Sa die de sa Sardigna

Ingresso in SS di GM Angioydi Tonino Dessì
Oggi 28 aprile 2016, si celebra “Sa Die de sa Sardigna”.
La ricorrenza fu scelta nel settembre del 1993 dal Consiglio regionale della Sardegna (finale dell’XI legislatura, Presidente della Regione on. Antonello Cabras, coalizione di governissimo, un centrosinistrone PDS-PSI-PSDI-PRI-DC -nato a seguito di un compromesso dopo uno scontro campale sulla legislazione urbanistica e sulla pianificazione paesaggistica- Presidente del Consiglio regionale on. Mario Floris, iniziativa legislativa unitaria, ma su impulso PSd’Az, all’opposizione), per istituire una giornata celebrativa della memoria identitaria del Popolo Sardo.
Una decisione che mise un punto fermo su un’annosa discussione, scartando altre ipotesi alternative, la principale delle quali era stata quella della Festa dello Statuto Speciale (legge costituzionale 26 febbraio 1948, n. 3).
Sembrava che, retrocedendo la celebrazione identitaria a un momento storico abbastanza remoto del periodo contemporaneo e a un fatto simbolicamente insurrezionale contro una dominazione esterna, si potesse trovare un compromesso adeguato rispetto al ricordo di altri momenti considerati più divisivi.
Già ascoltando la discussione in Aula, intrisa di retorica patriottica, ma poco approfondita nel merito della vicenda, avvertivo un certo paradosso, che fu evidenziato forse dal solo on. Francesco Cocco, comunista del Gruppo consiliare PDS, l’unico che mi parve davvero consapevole.

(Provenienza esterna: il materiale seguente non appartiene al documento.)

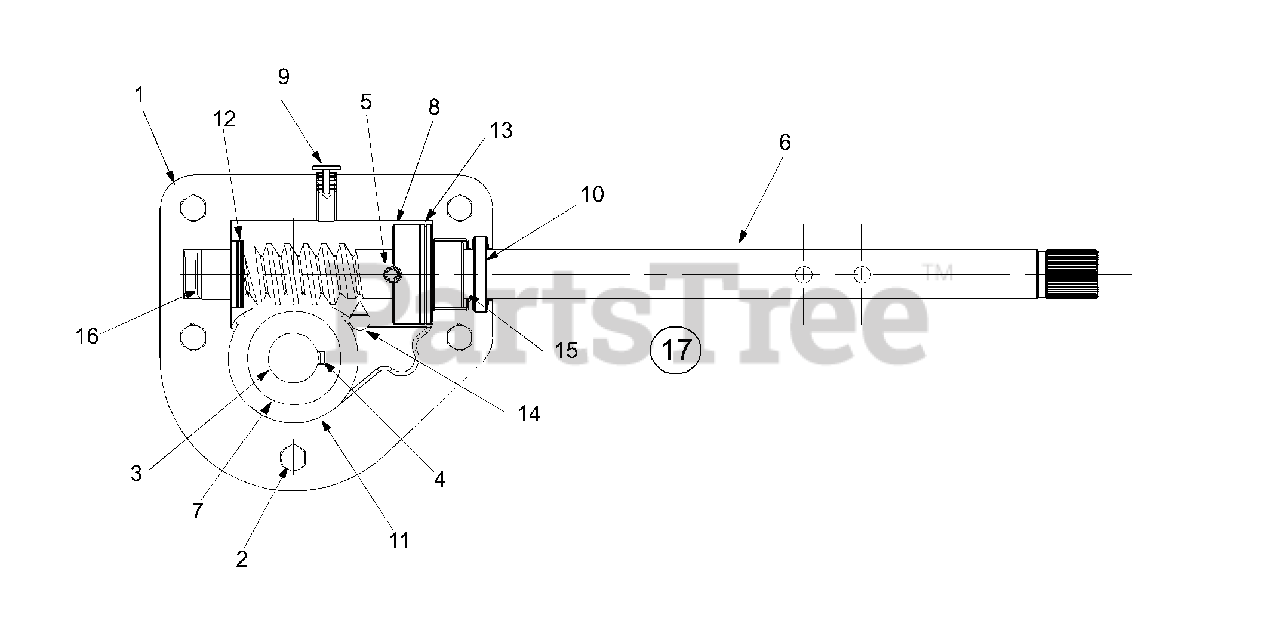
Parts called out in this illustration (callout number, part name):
1	Housing - R.H.
2	Hex Screw 1/4-20 x .75
3	Spiral Axle 22" D
4	Key
5	Pin-Spiral
6	Shaft-Worm
7	Gear-Worm
8	Collar-Thrust
10	Seal-Oil
11	Washer-Flat
12	Washer-Flat
13	Washer-Flat
14	Grease
15	Bearing-Flange
16	Bearing-Flange
17	Ass'y. Complete 22" D

La Sarda Rivoluzione infatti conteneva in nuce il principale dei nodi irrisolti della debole soggettività politica sarda. L’aspirazione a un’identità moderna e radicale, infatti, si infranse nel 1794 contro lo scoglio del conservatorismo politico e più ancora sociale e culminò nel tradimento e nella sconfitta epocale.
Non essersi resi conto delle implicazioni profonde di quella vicenda e non avervi mai fatto i conti consapevolmente, ha fatto sì che Sa Die, alla fin fine, sia rimasta una celebrazione senza autore e senza soggetto, assolutamente non sentita da parte della stragrande maggioranza dei sardi.

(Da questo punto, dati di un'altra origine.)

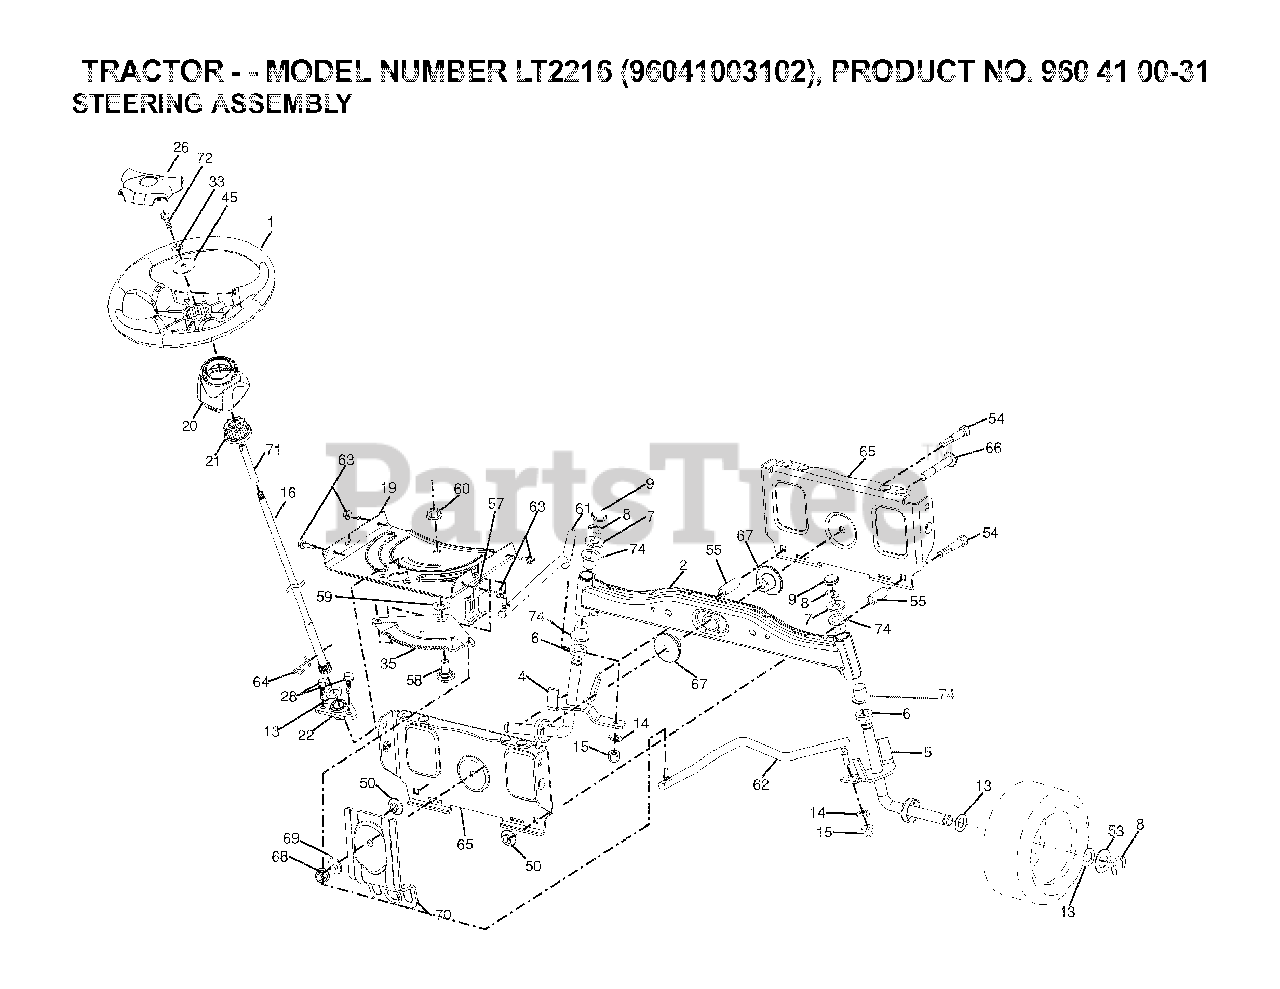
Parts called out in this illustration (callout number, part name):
2	AXLE.HALF.ASM.WELDED
4	SPINDLE.WELDED.LH.15"TEX
5	SPINDLE.WELDED.RH.15"T
8	RING CLIP
9	CAP.SPINDLE
14	WASHER, LOCK 3/8
15	NUT CROWNLOCK 3/8-24
16	SHAFT STEERING
19	PLATE.STEER.DDL.NLT/NG
20	BOOT STEERING BLACK
21	ADAPTER, WHEEL STNG..
22	BUSHING.ASM.STEERING.A
26	INSERT.CAP.STRG.WH.BLACK
28	SCREW, 3/8-16X3/4
33	LOCKWASHER
35	GEAR.SECTOR.PLATE.DDL.
45	WASHER.11/32
50	NUT LOCK FLG 3/8-16 UNC
53	WASHER.HARDENED
55	SPACER.BRACE.AXLE
57	BRACKET.UPSTOP.TEX
58	BOLT.SHOULDER.SECTOR.P
59	WASHER.THURST.SECTOR.S
60	NUT FLANGE LOCK 5/8-11
61	DRAGLINK.LH.BALLSTUD.D
62	DRAGLINK.RH.BALLSTUD.D
63	SCREW
64	RETAINER.CLIP.SPRING.S
65	BRACE.AXLE.FRONT.NLT/N
66	BOLT HEX FGHD 7/16-14 X 3 SERR
67	BUSHING.PM.FRONT AXLE
68	NUT.LOCK.FLANGE.7/16
69	WASHER.1.5X.505X.118
70	BRKT.DECK.SUSPENSION.F
71	SHAFT EXTENSION STEERING
72	BOLT YT
74	BRNG T

Anche quest’anno essa si svolge all’insegna delle buone intenzioni (il tema dell’emigrazione-immigrazione, il rapporto con l’Isola di Corsica), ma senza alcuna reale volontà di misurarsi, in particolare, con un contesto impegnativo qual è l’evoluzione-involuzione del sistema costituzionale in corso, dal quale dipenderà la sorte della soggettività istituzionale e politica dei Sardi.
Questo solo ho oggi da aggiungere a completamento di una riflessione che ho scritto due anni fa e che ripropongo qui di seguito.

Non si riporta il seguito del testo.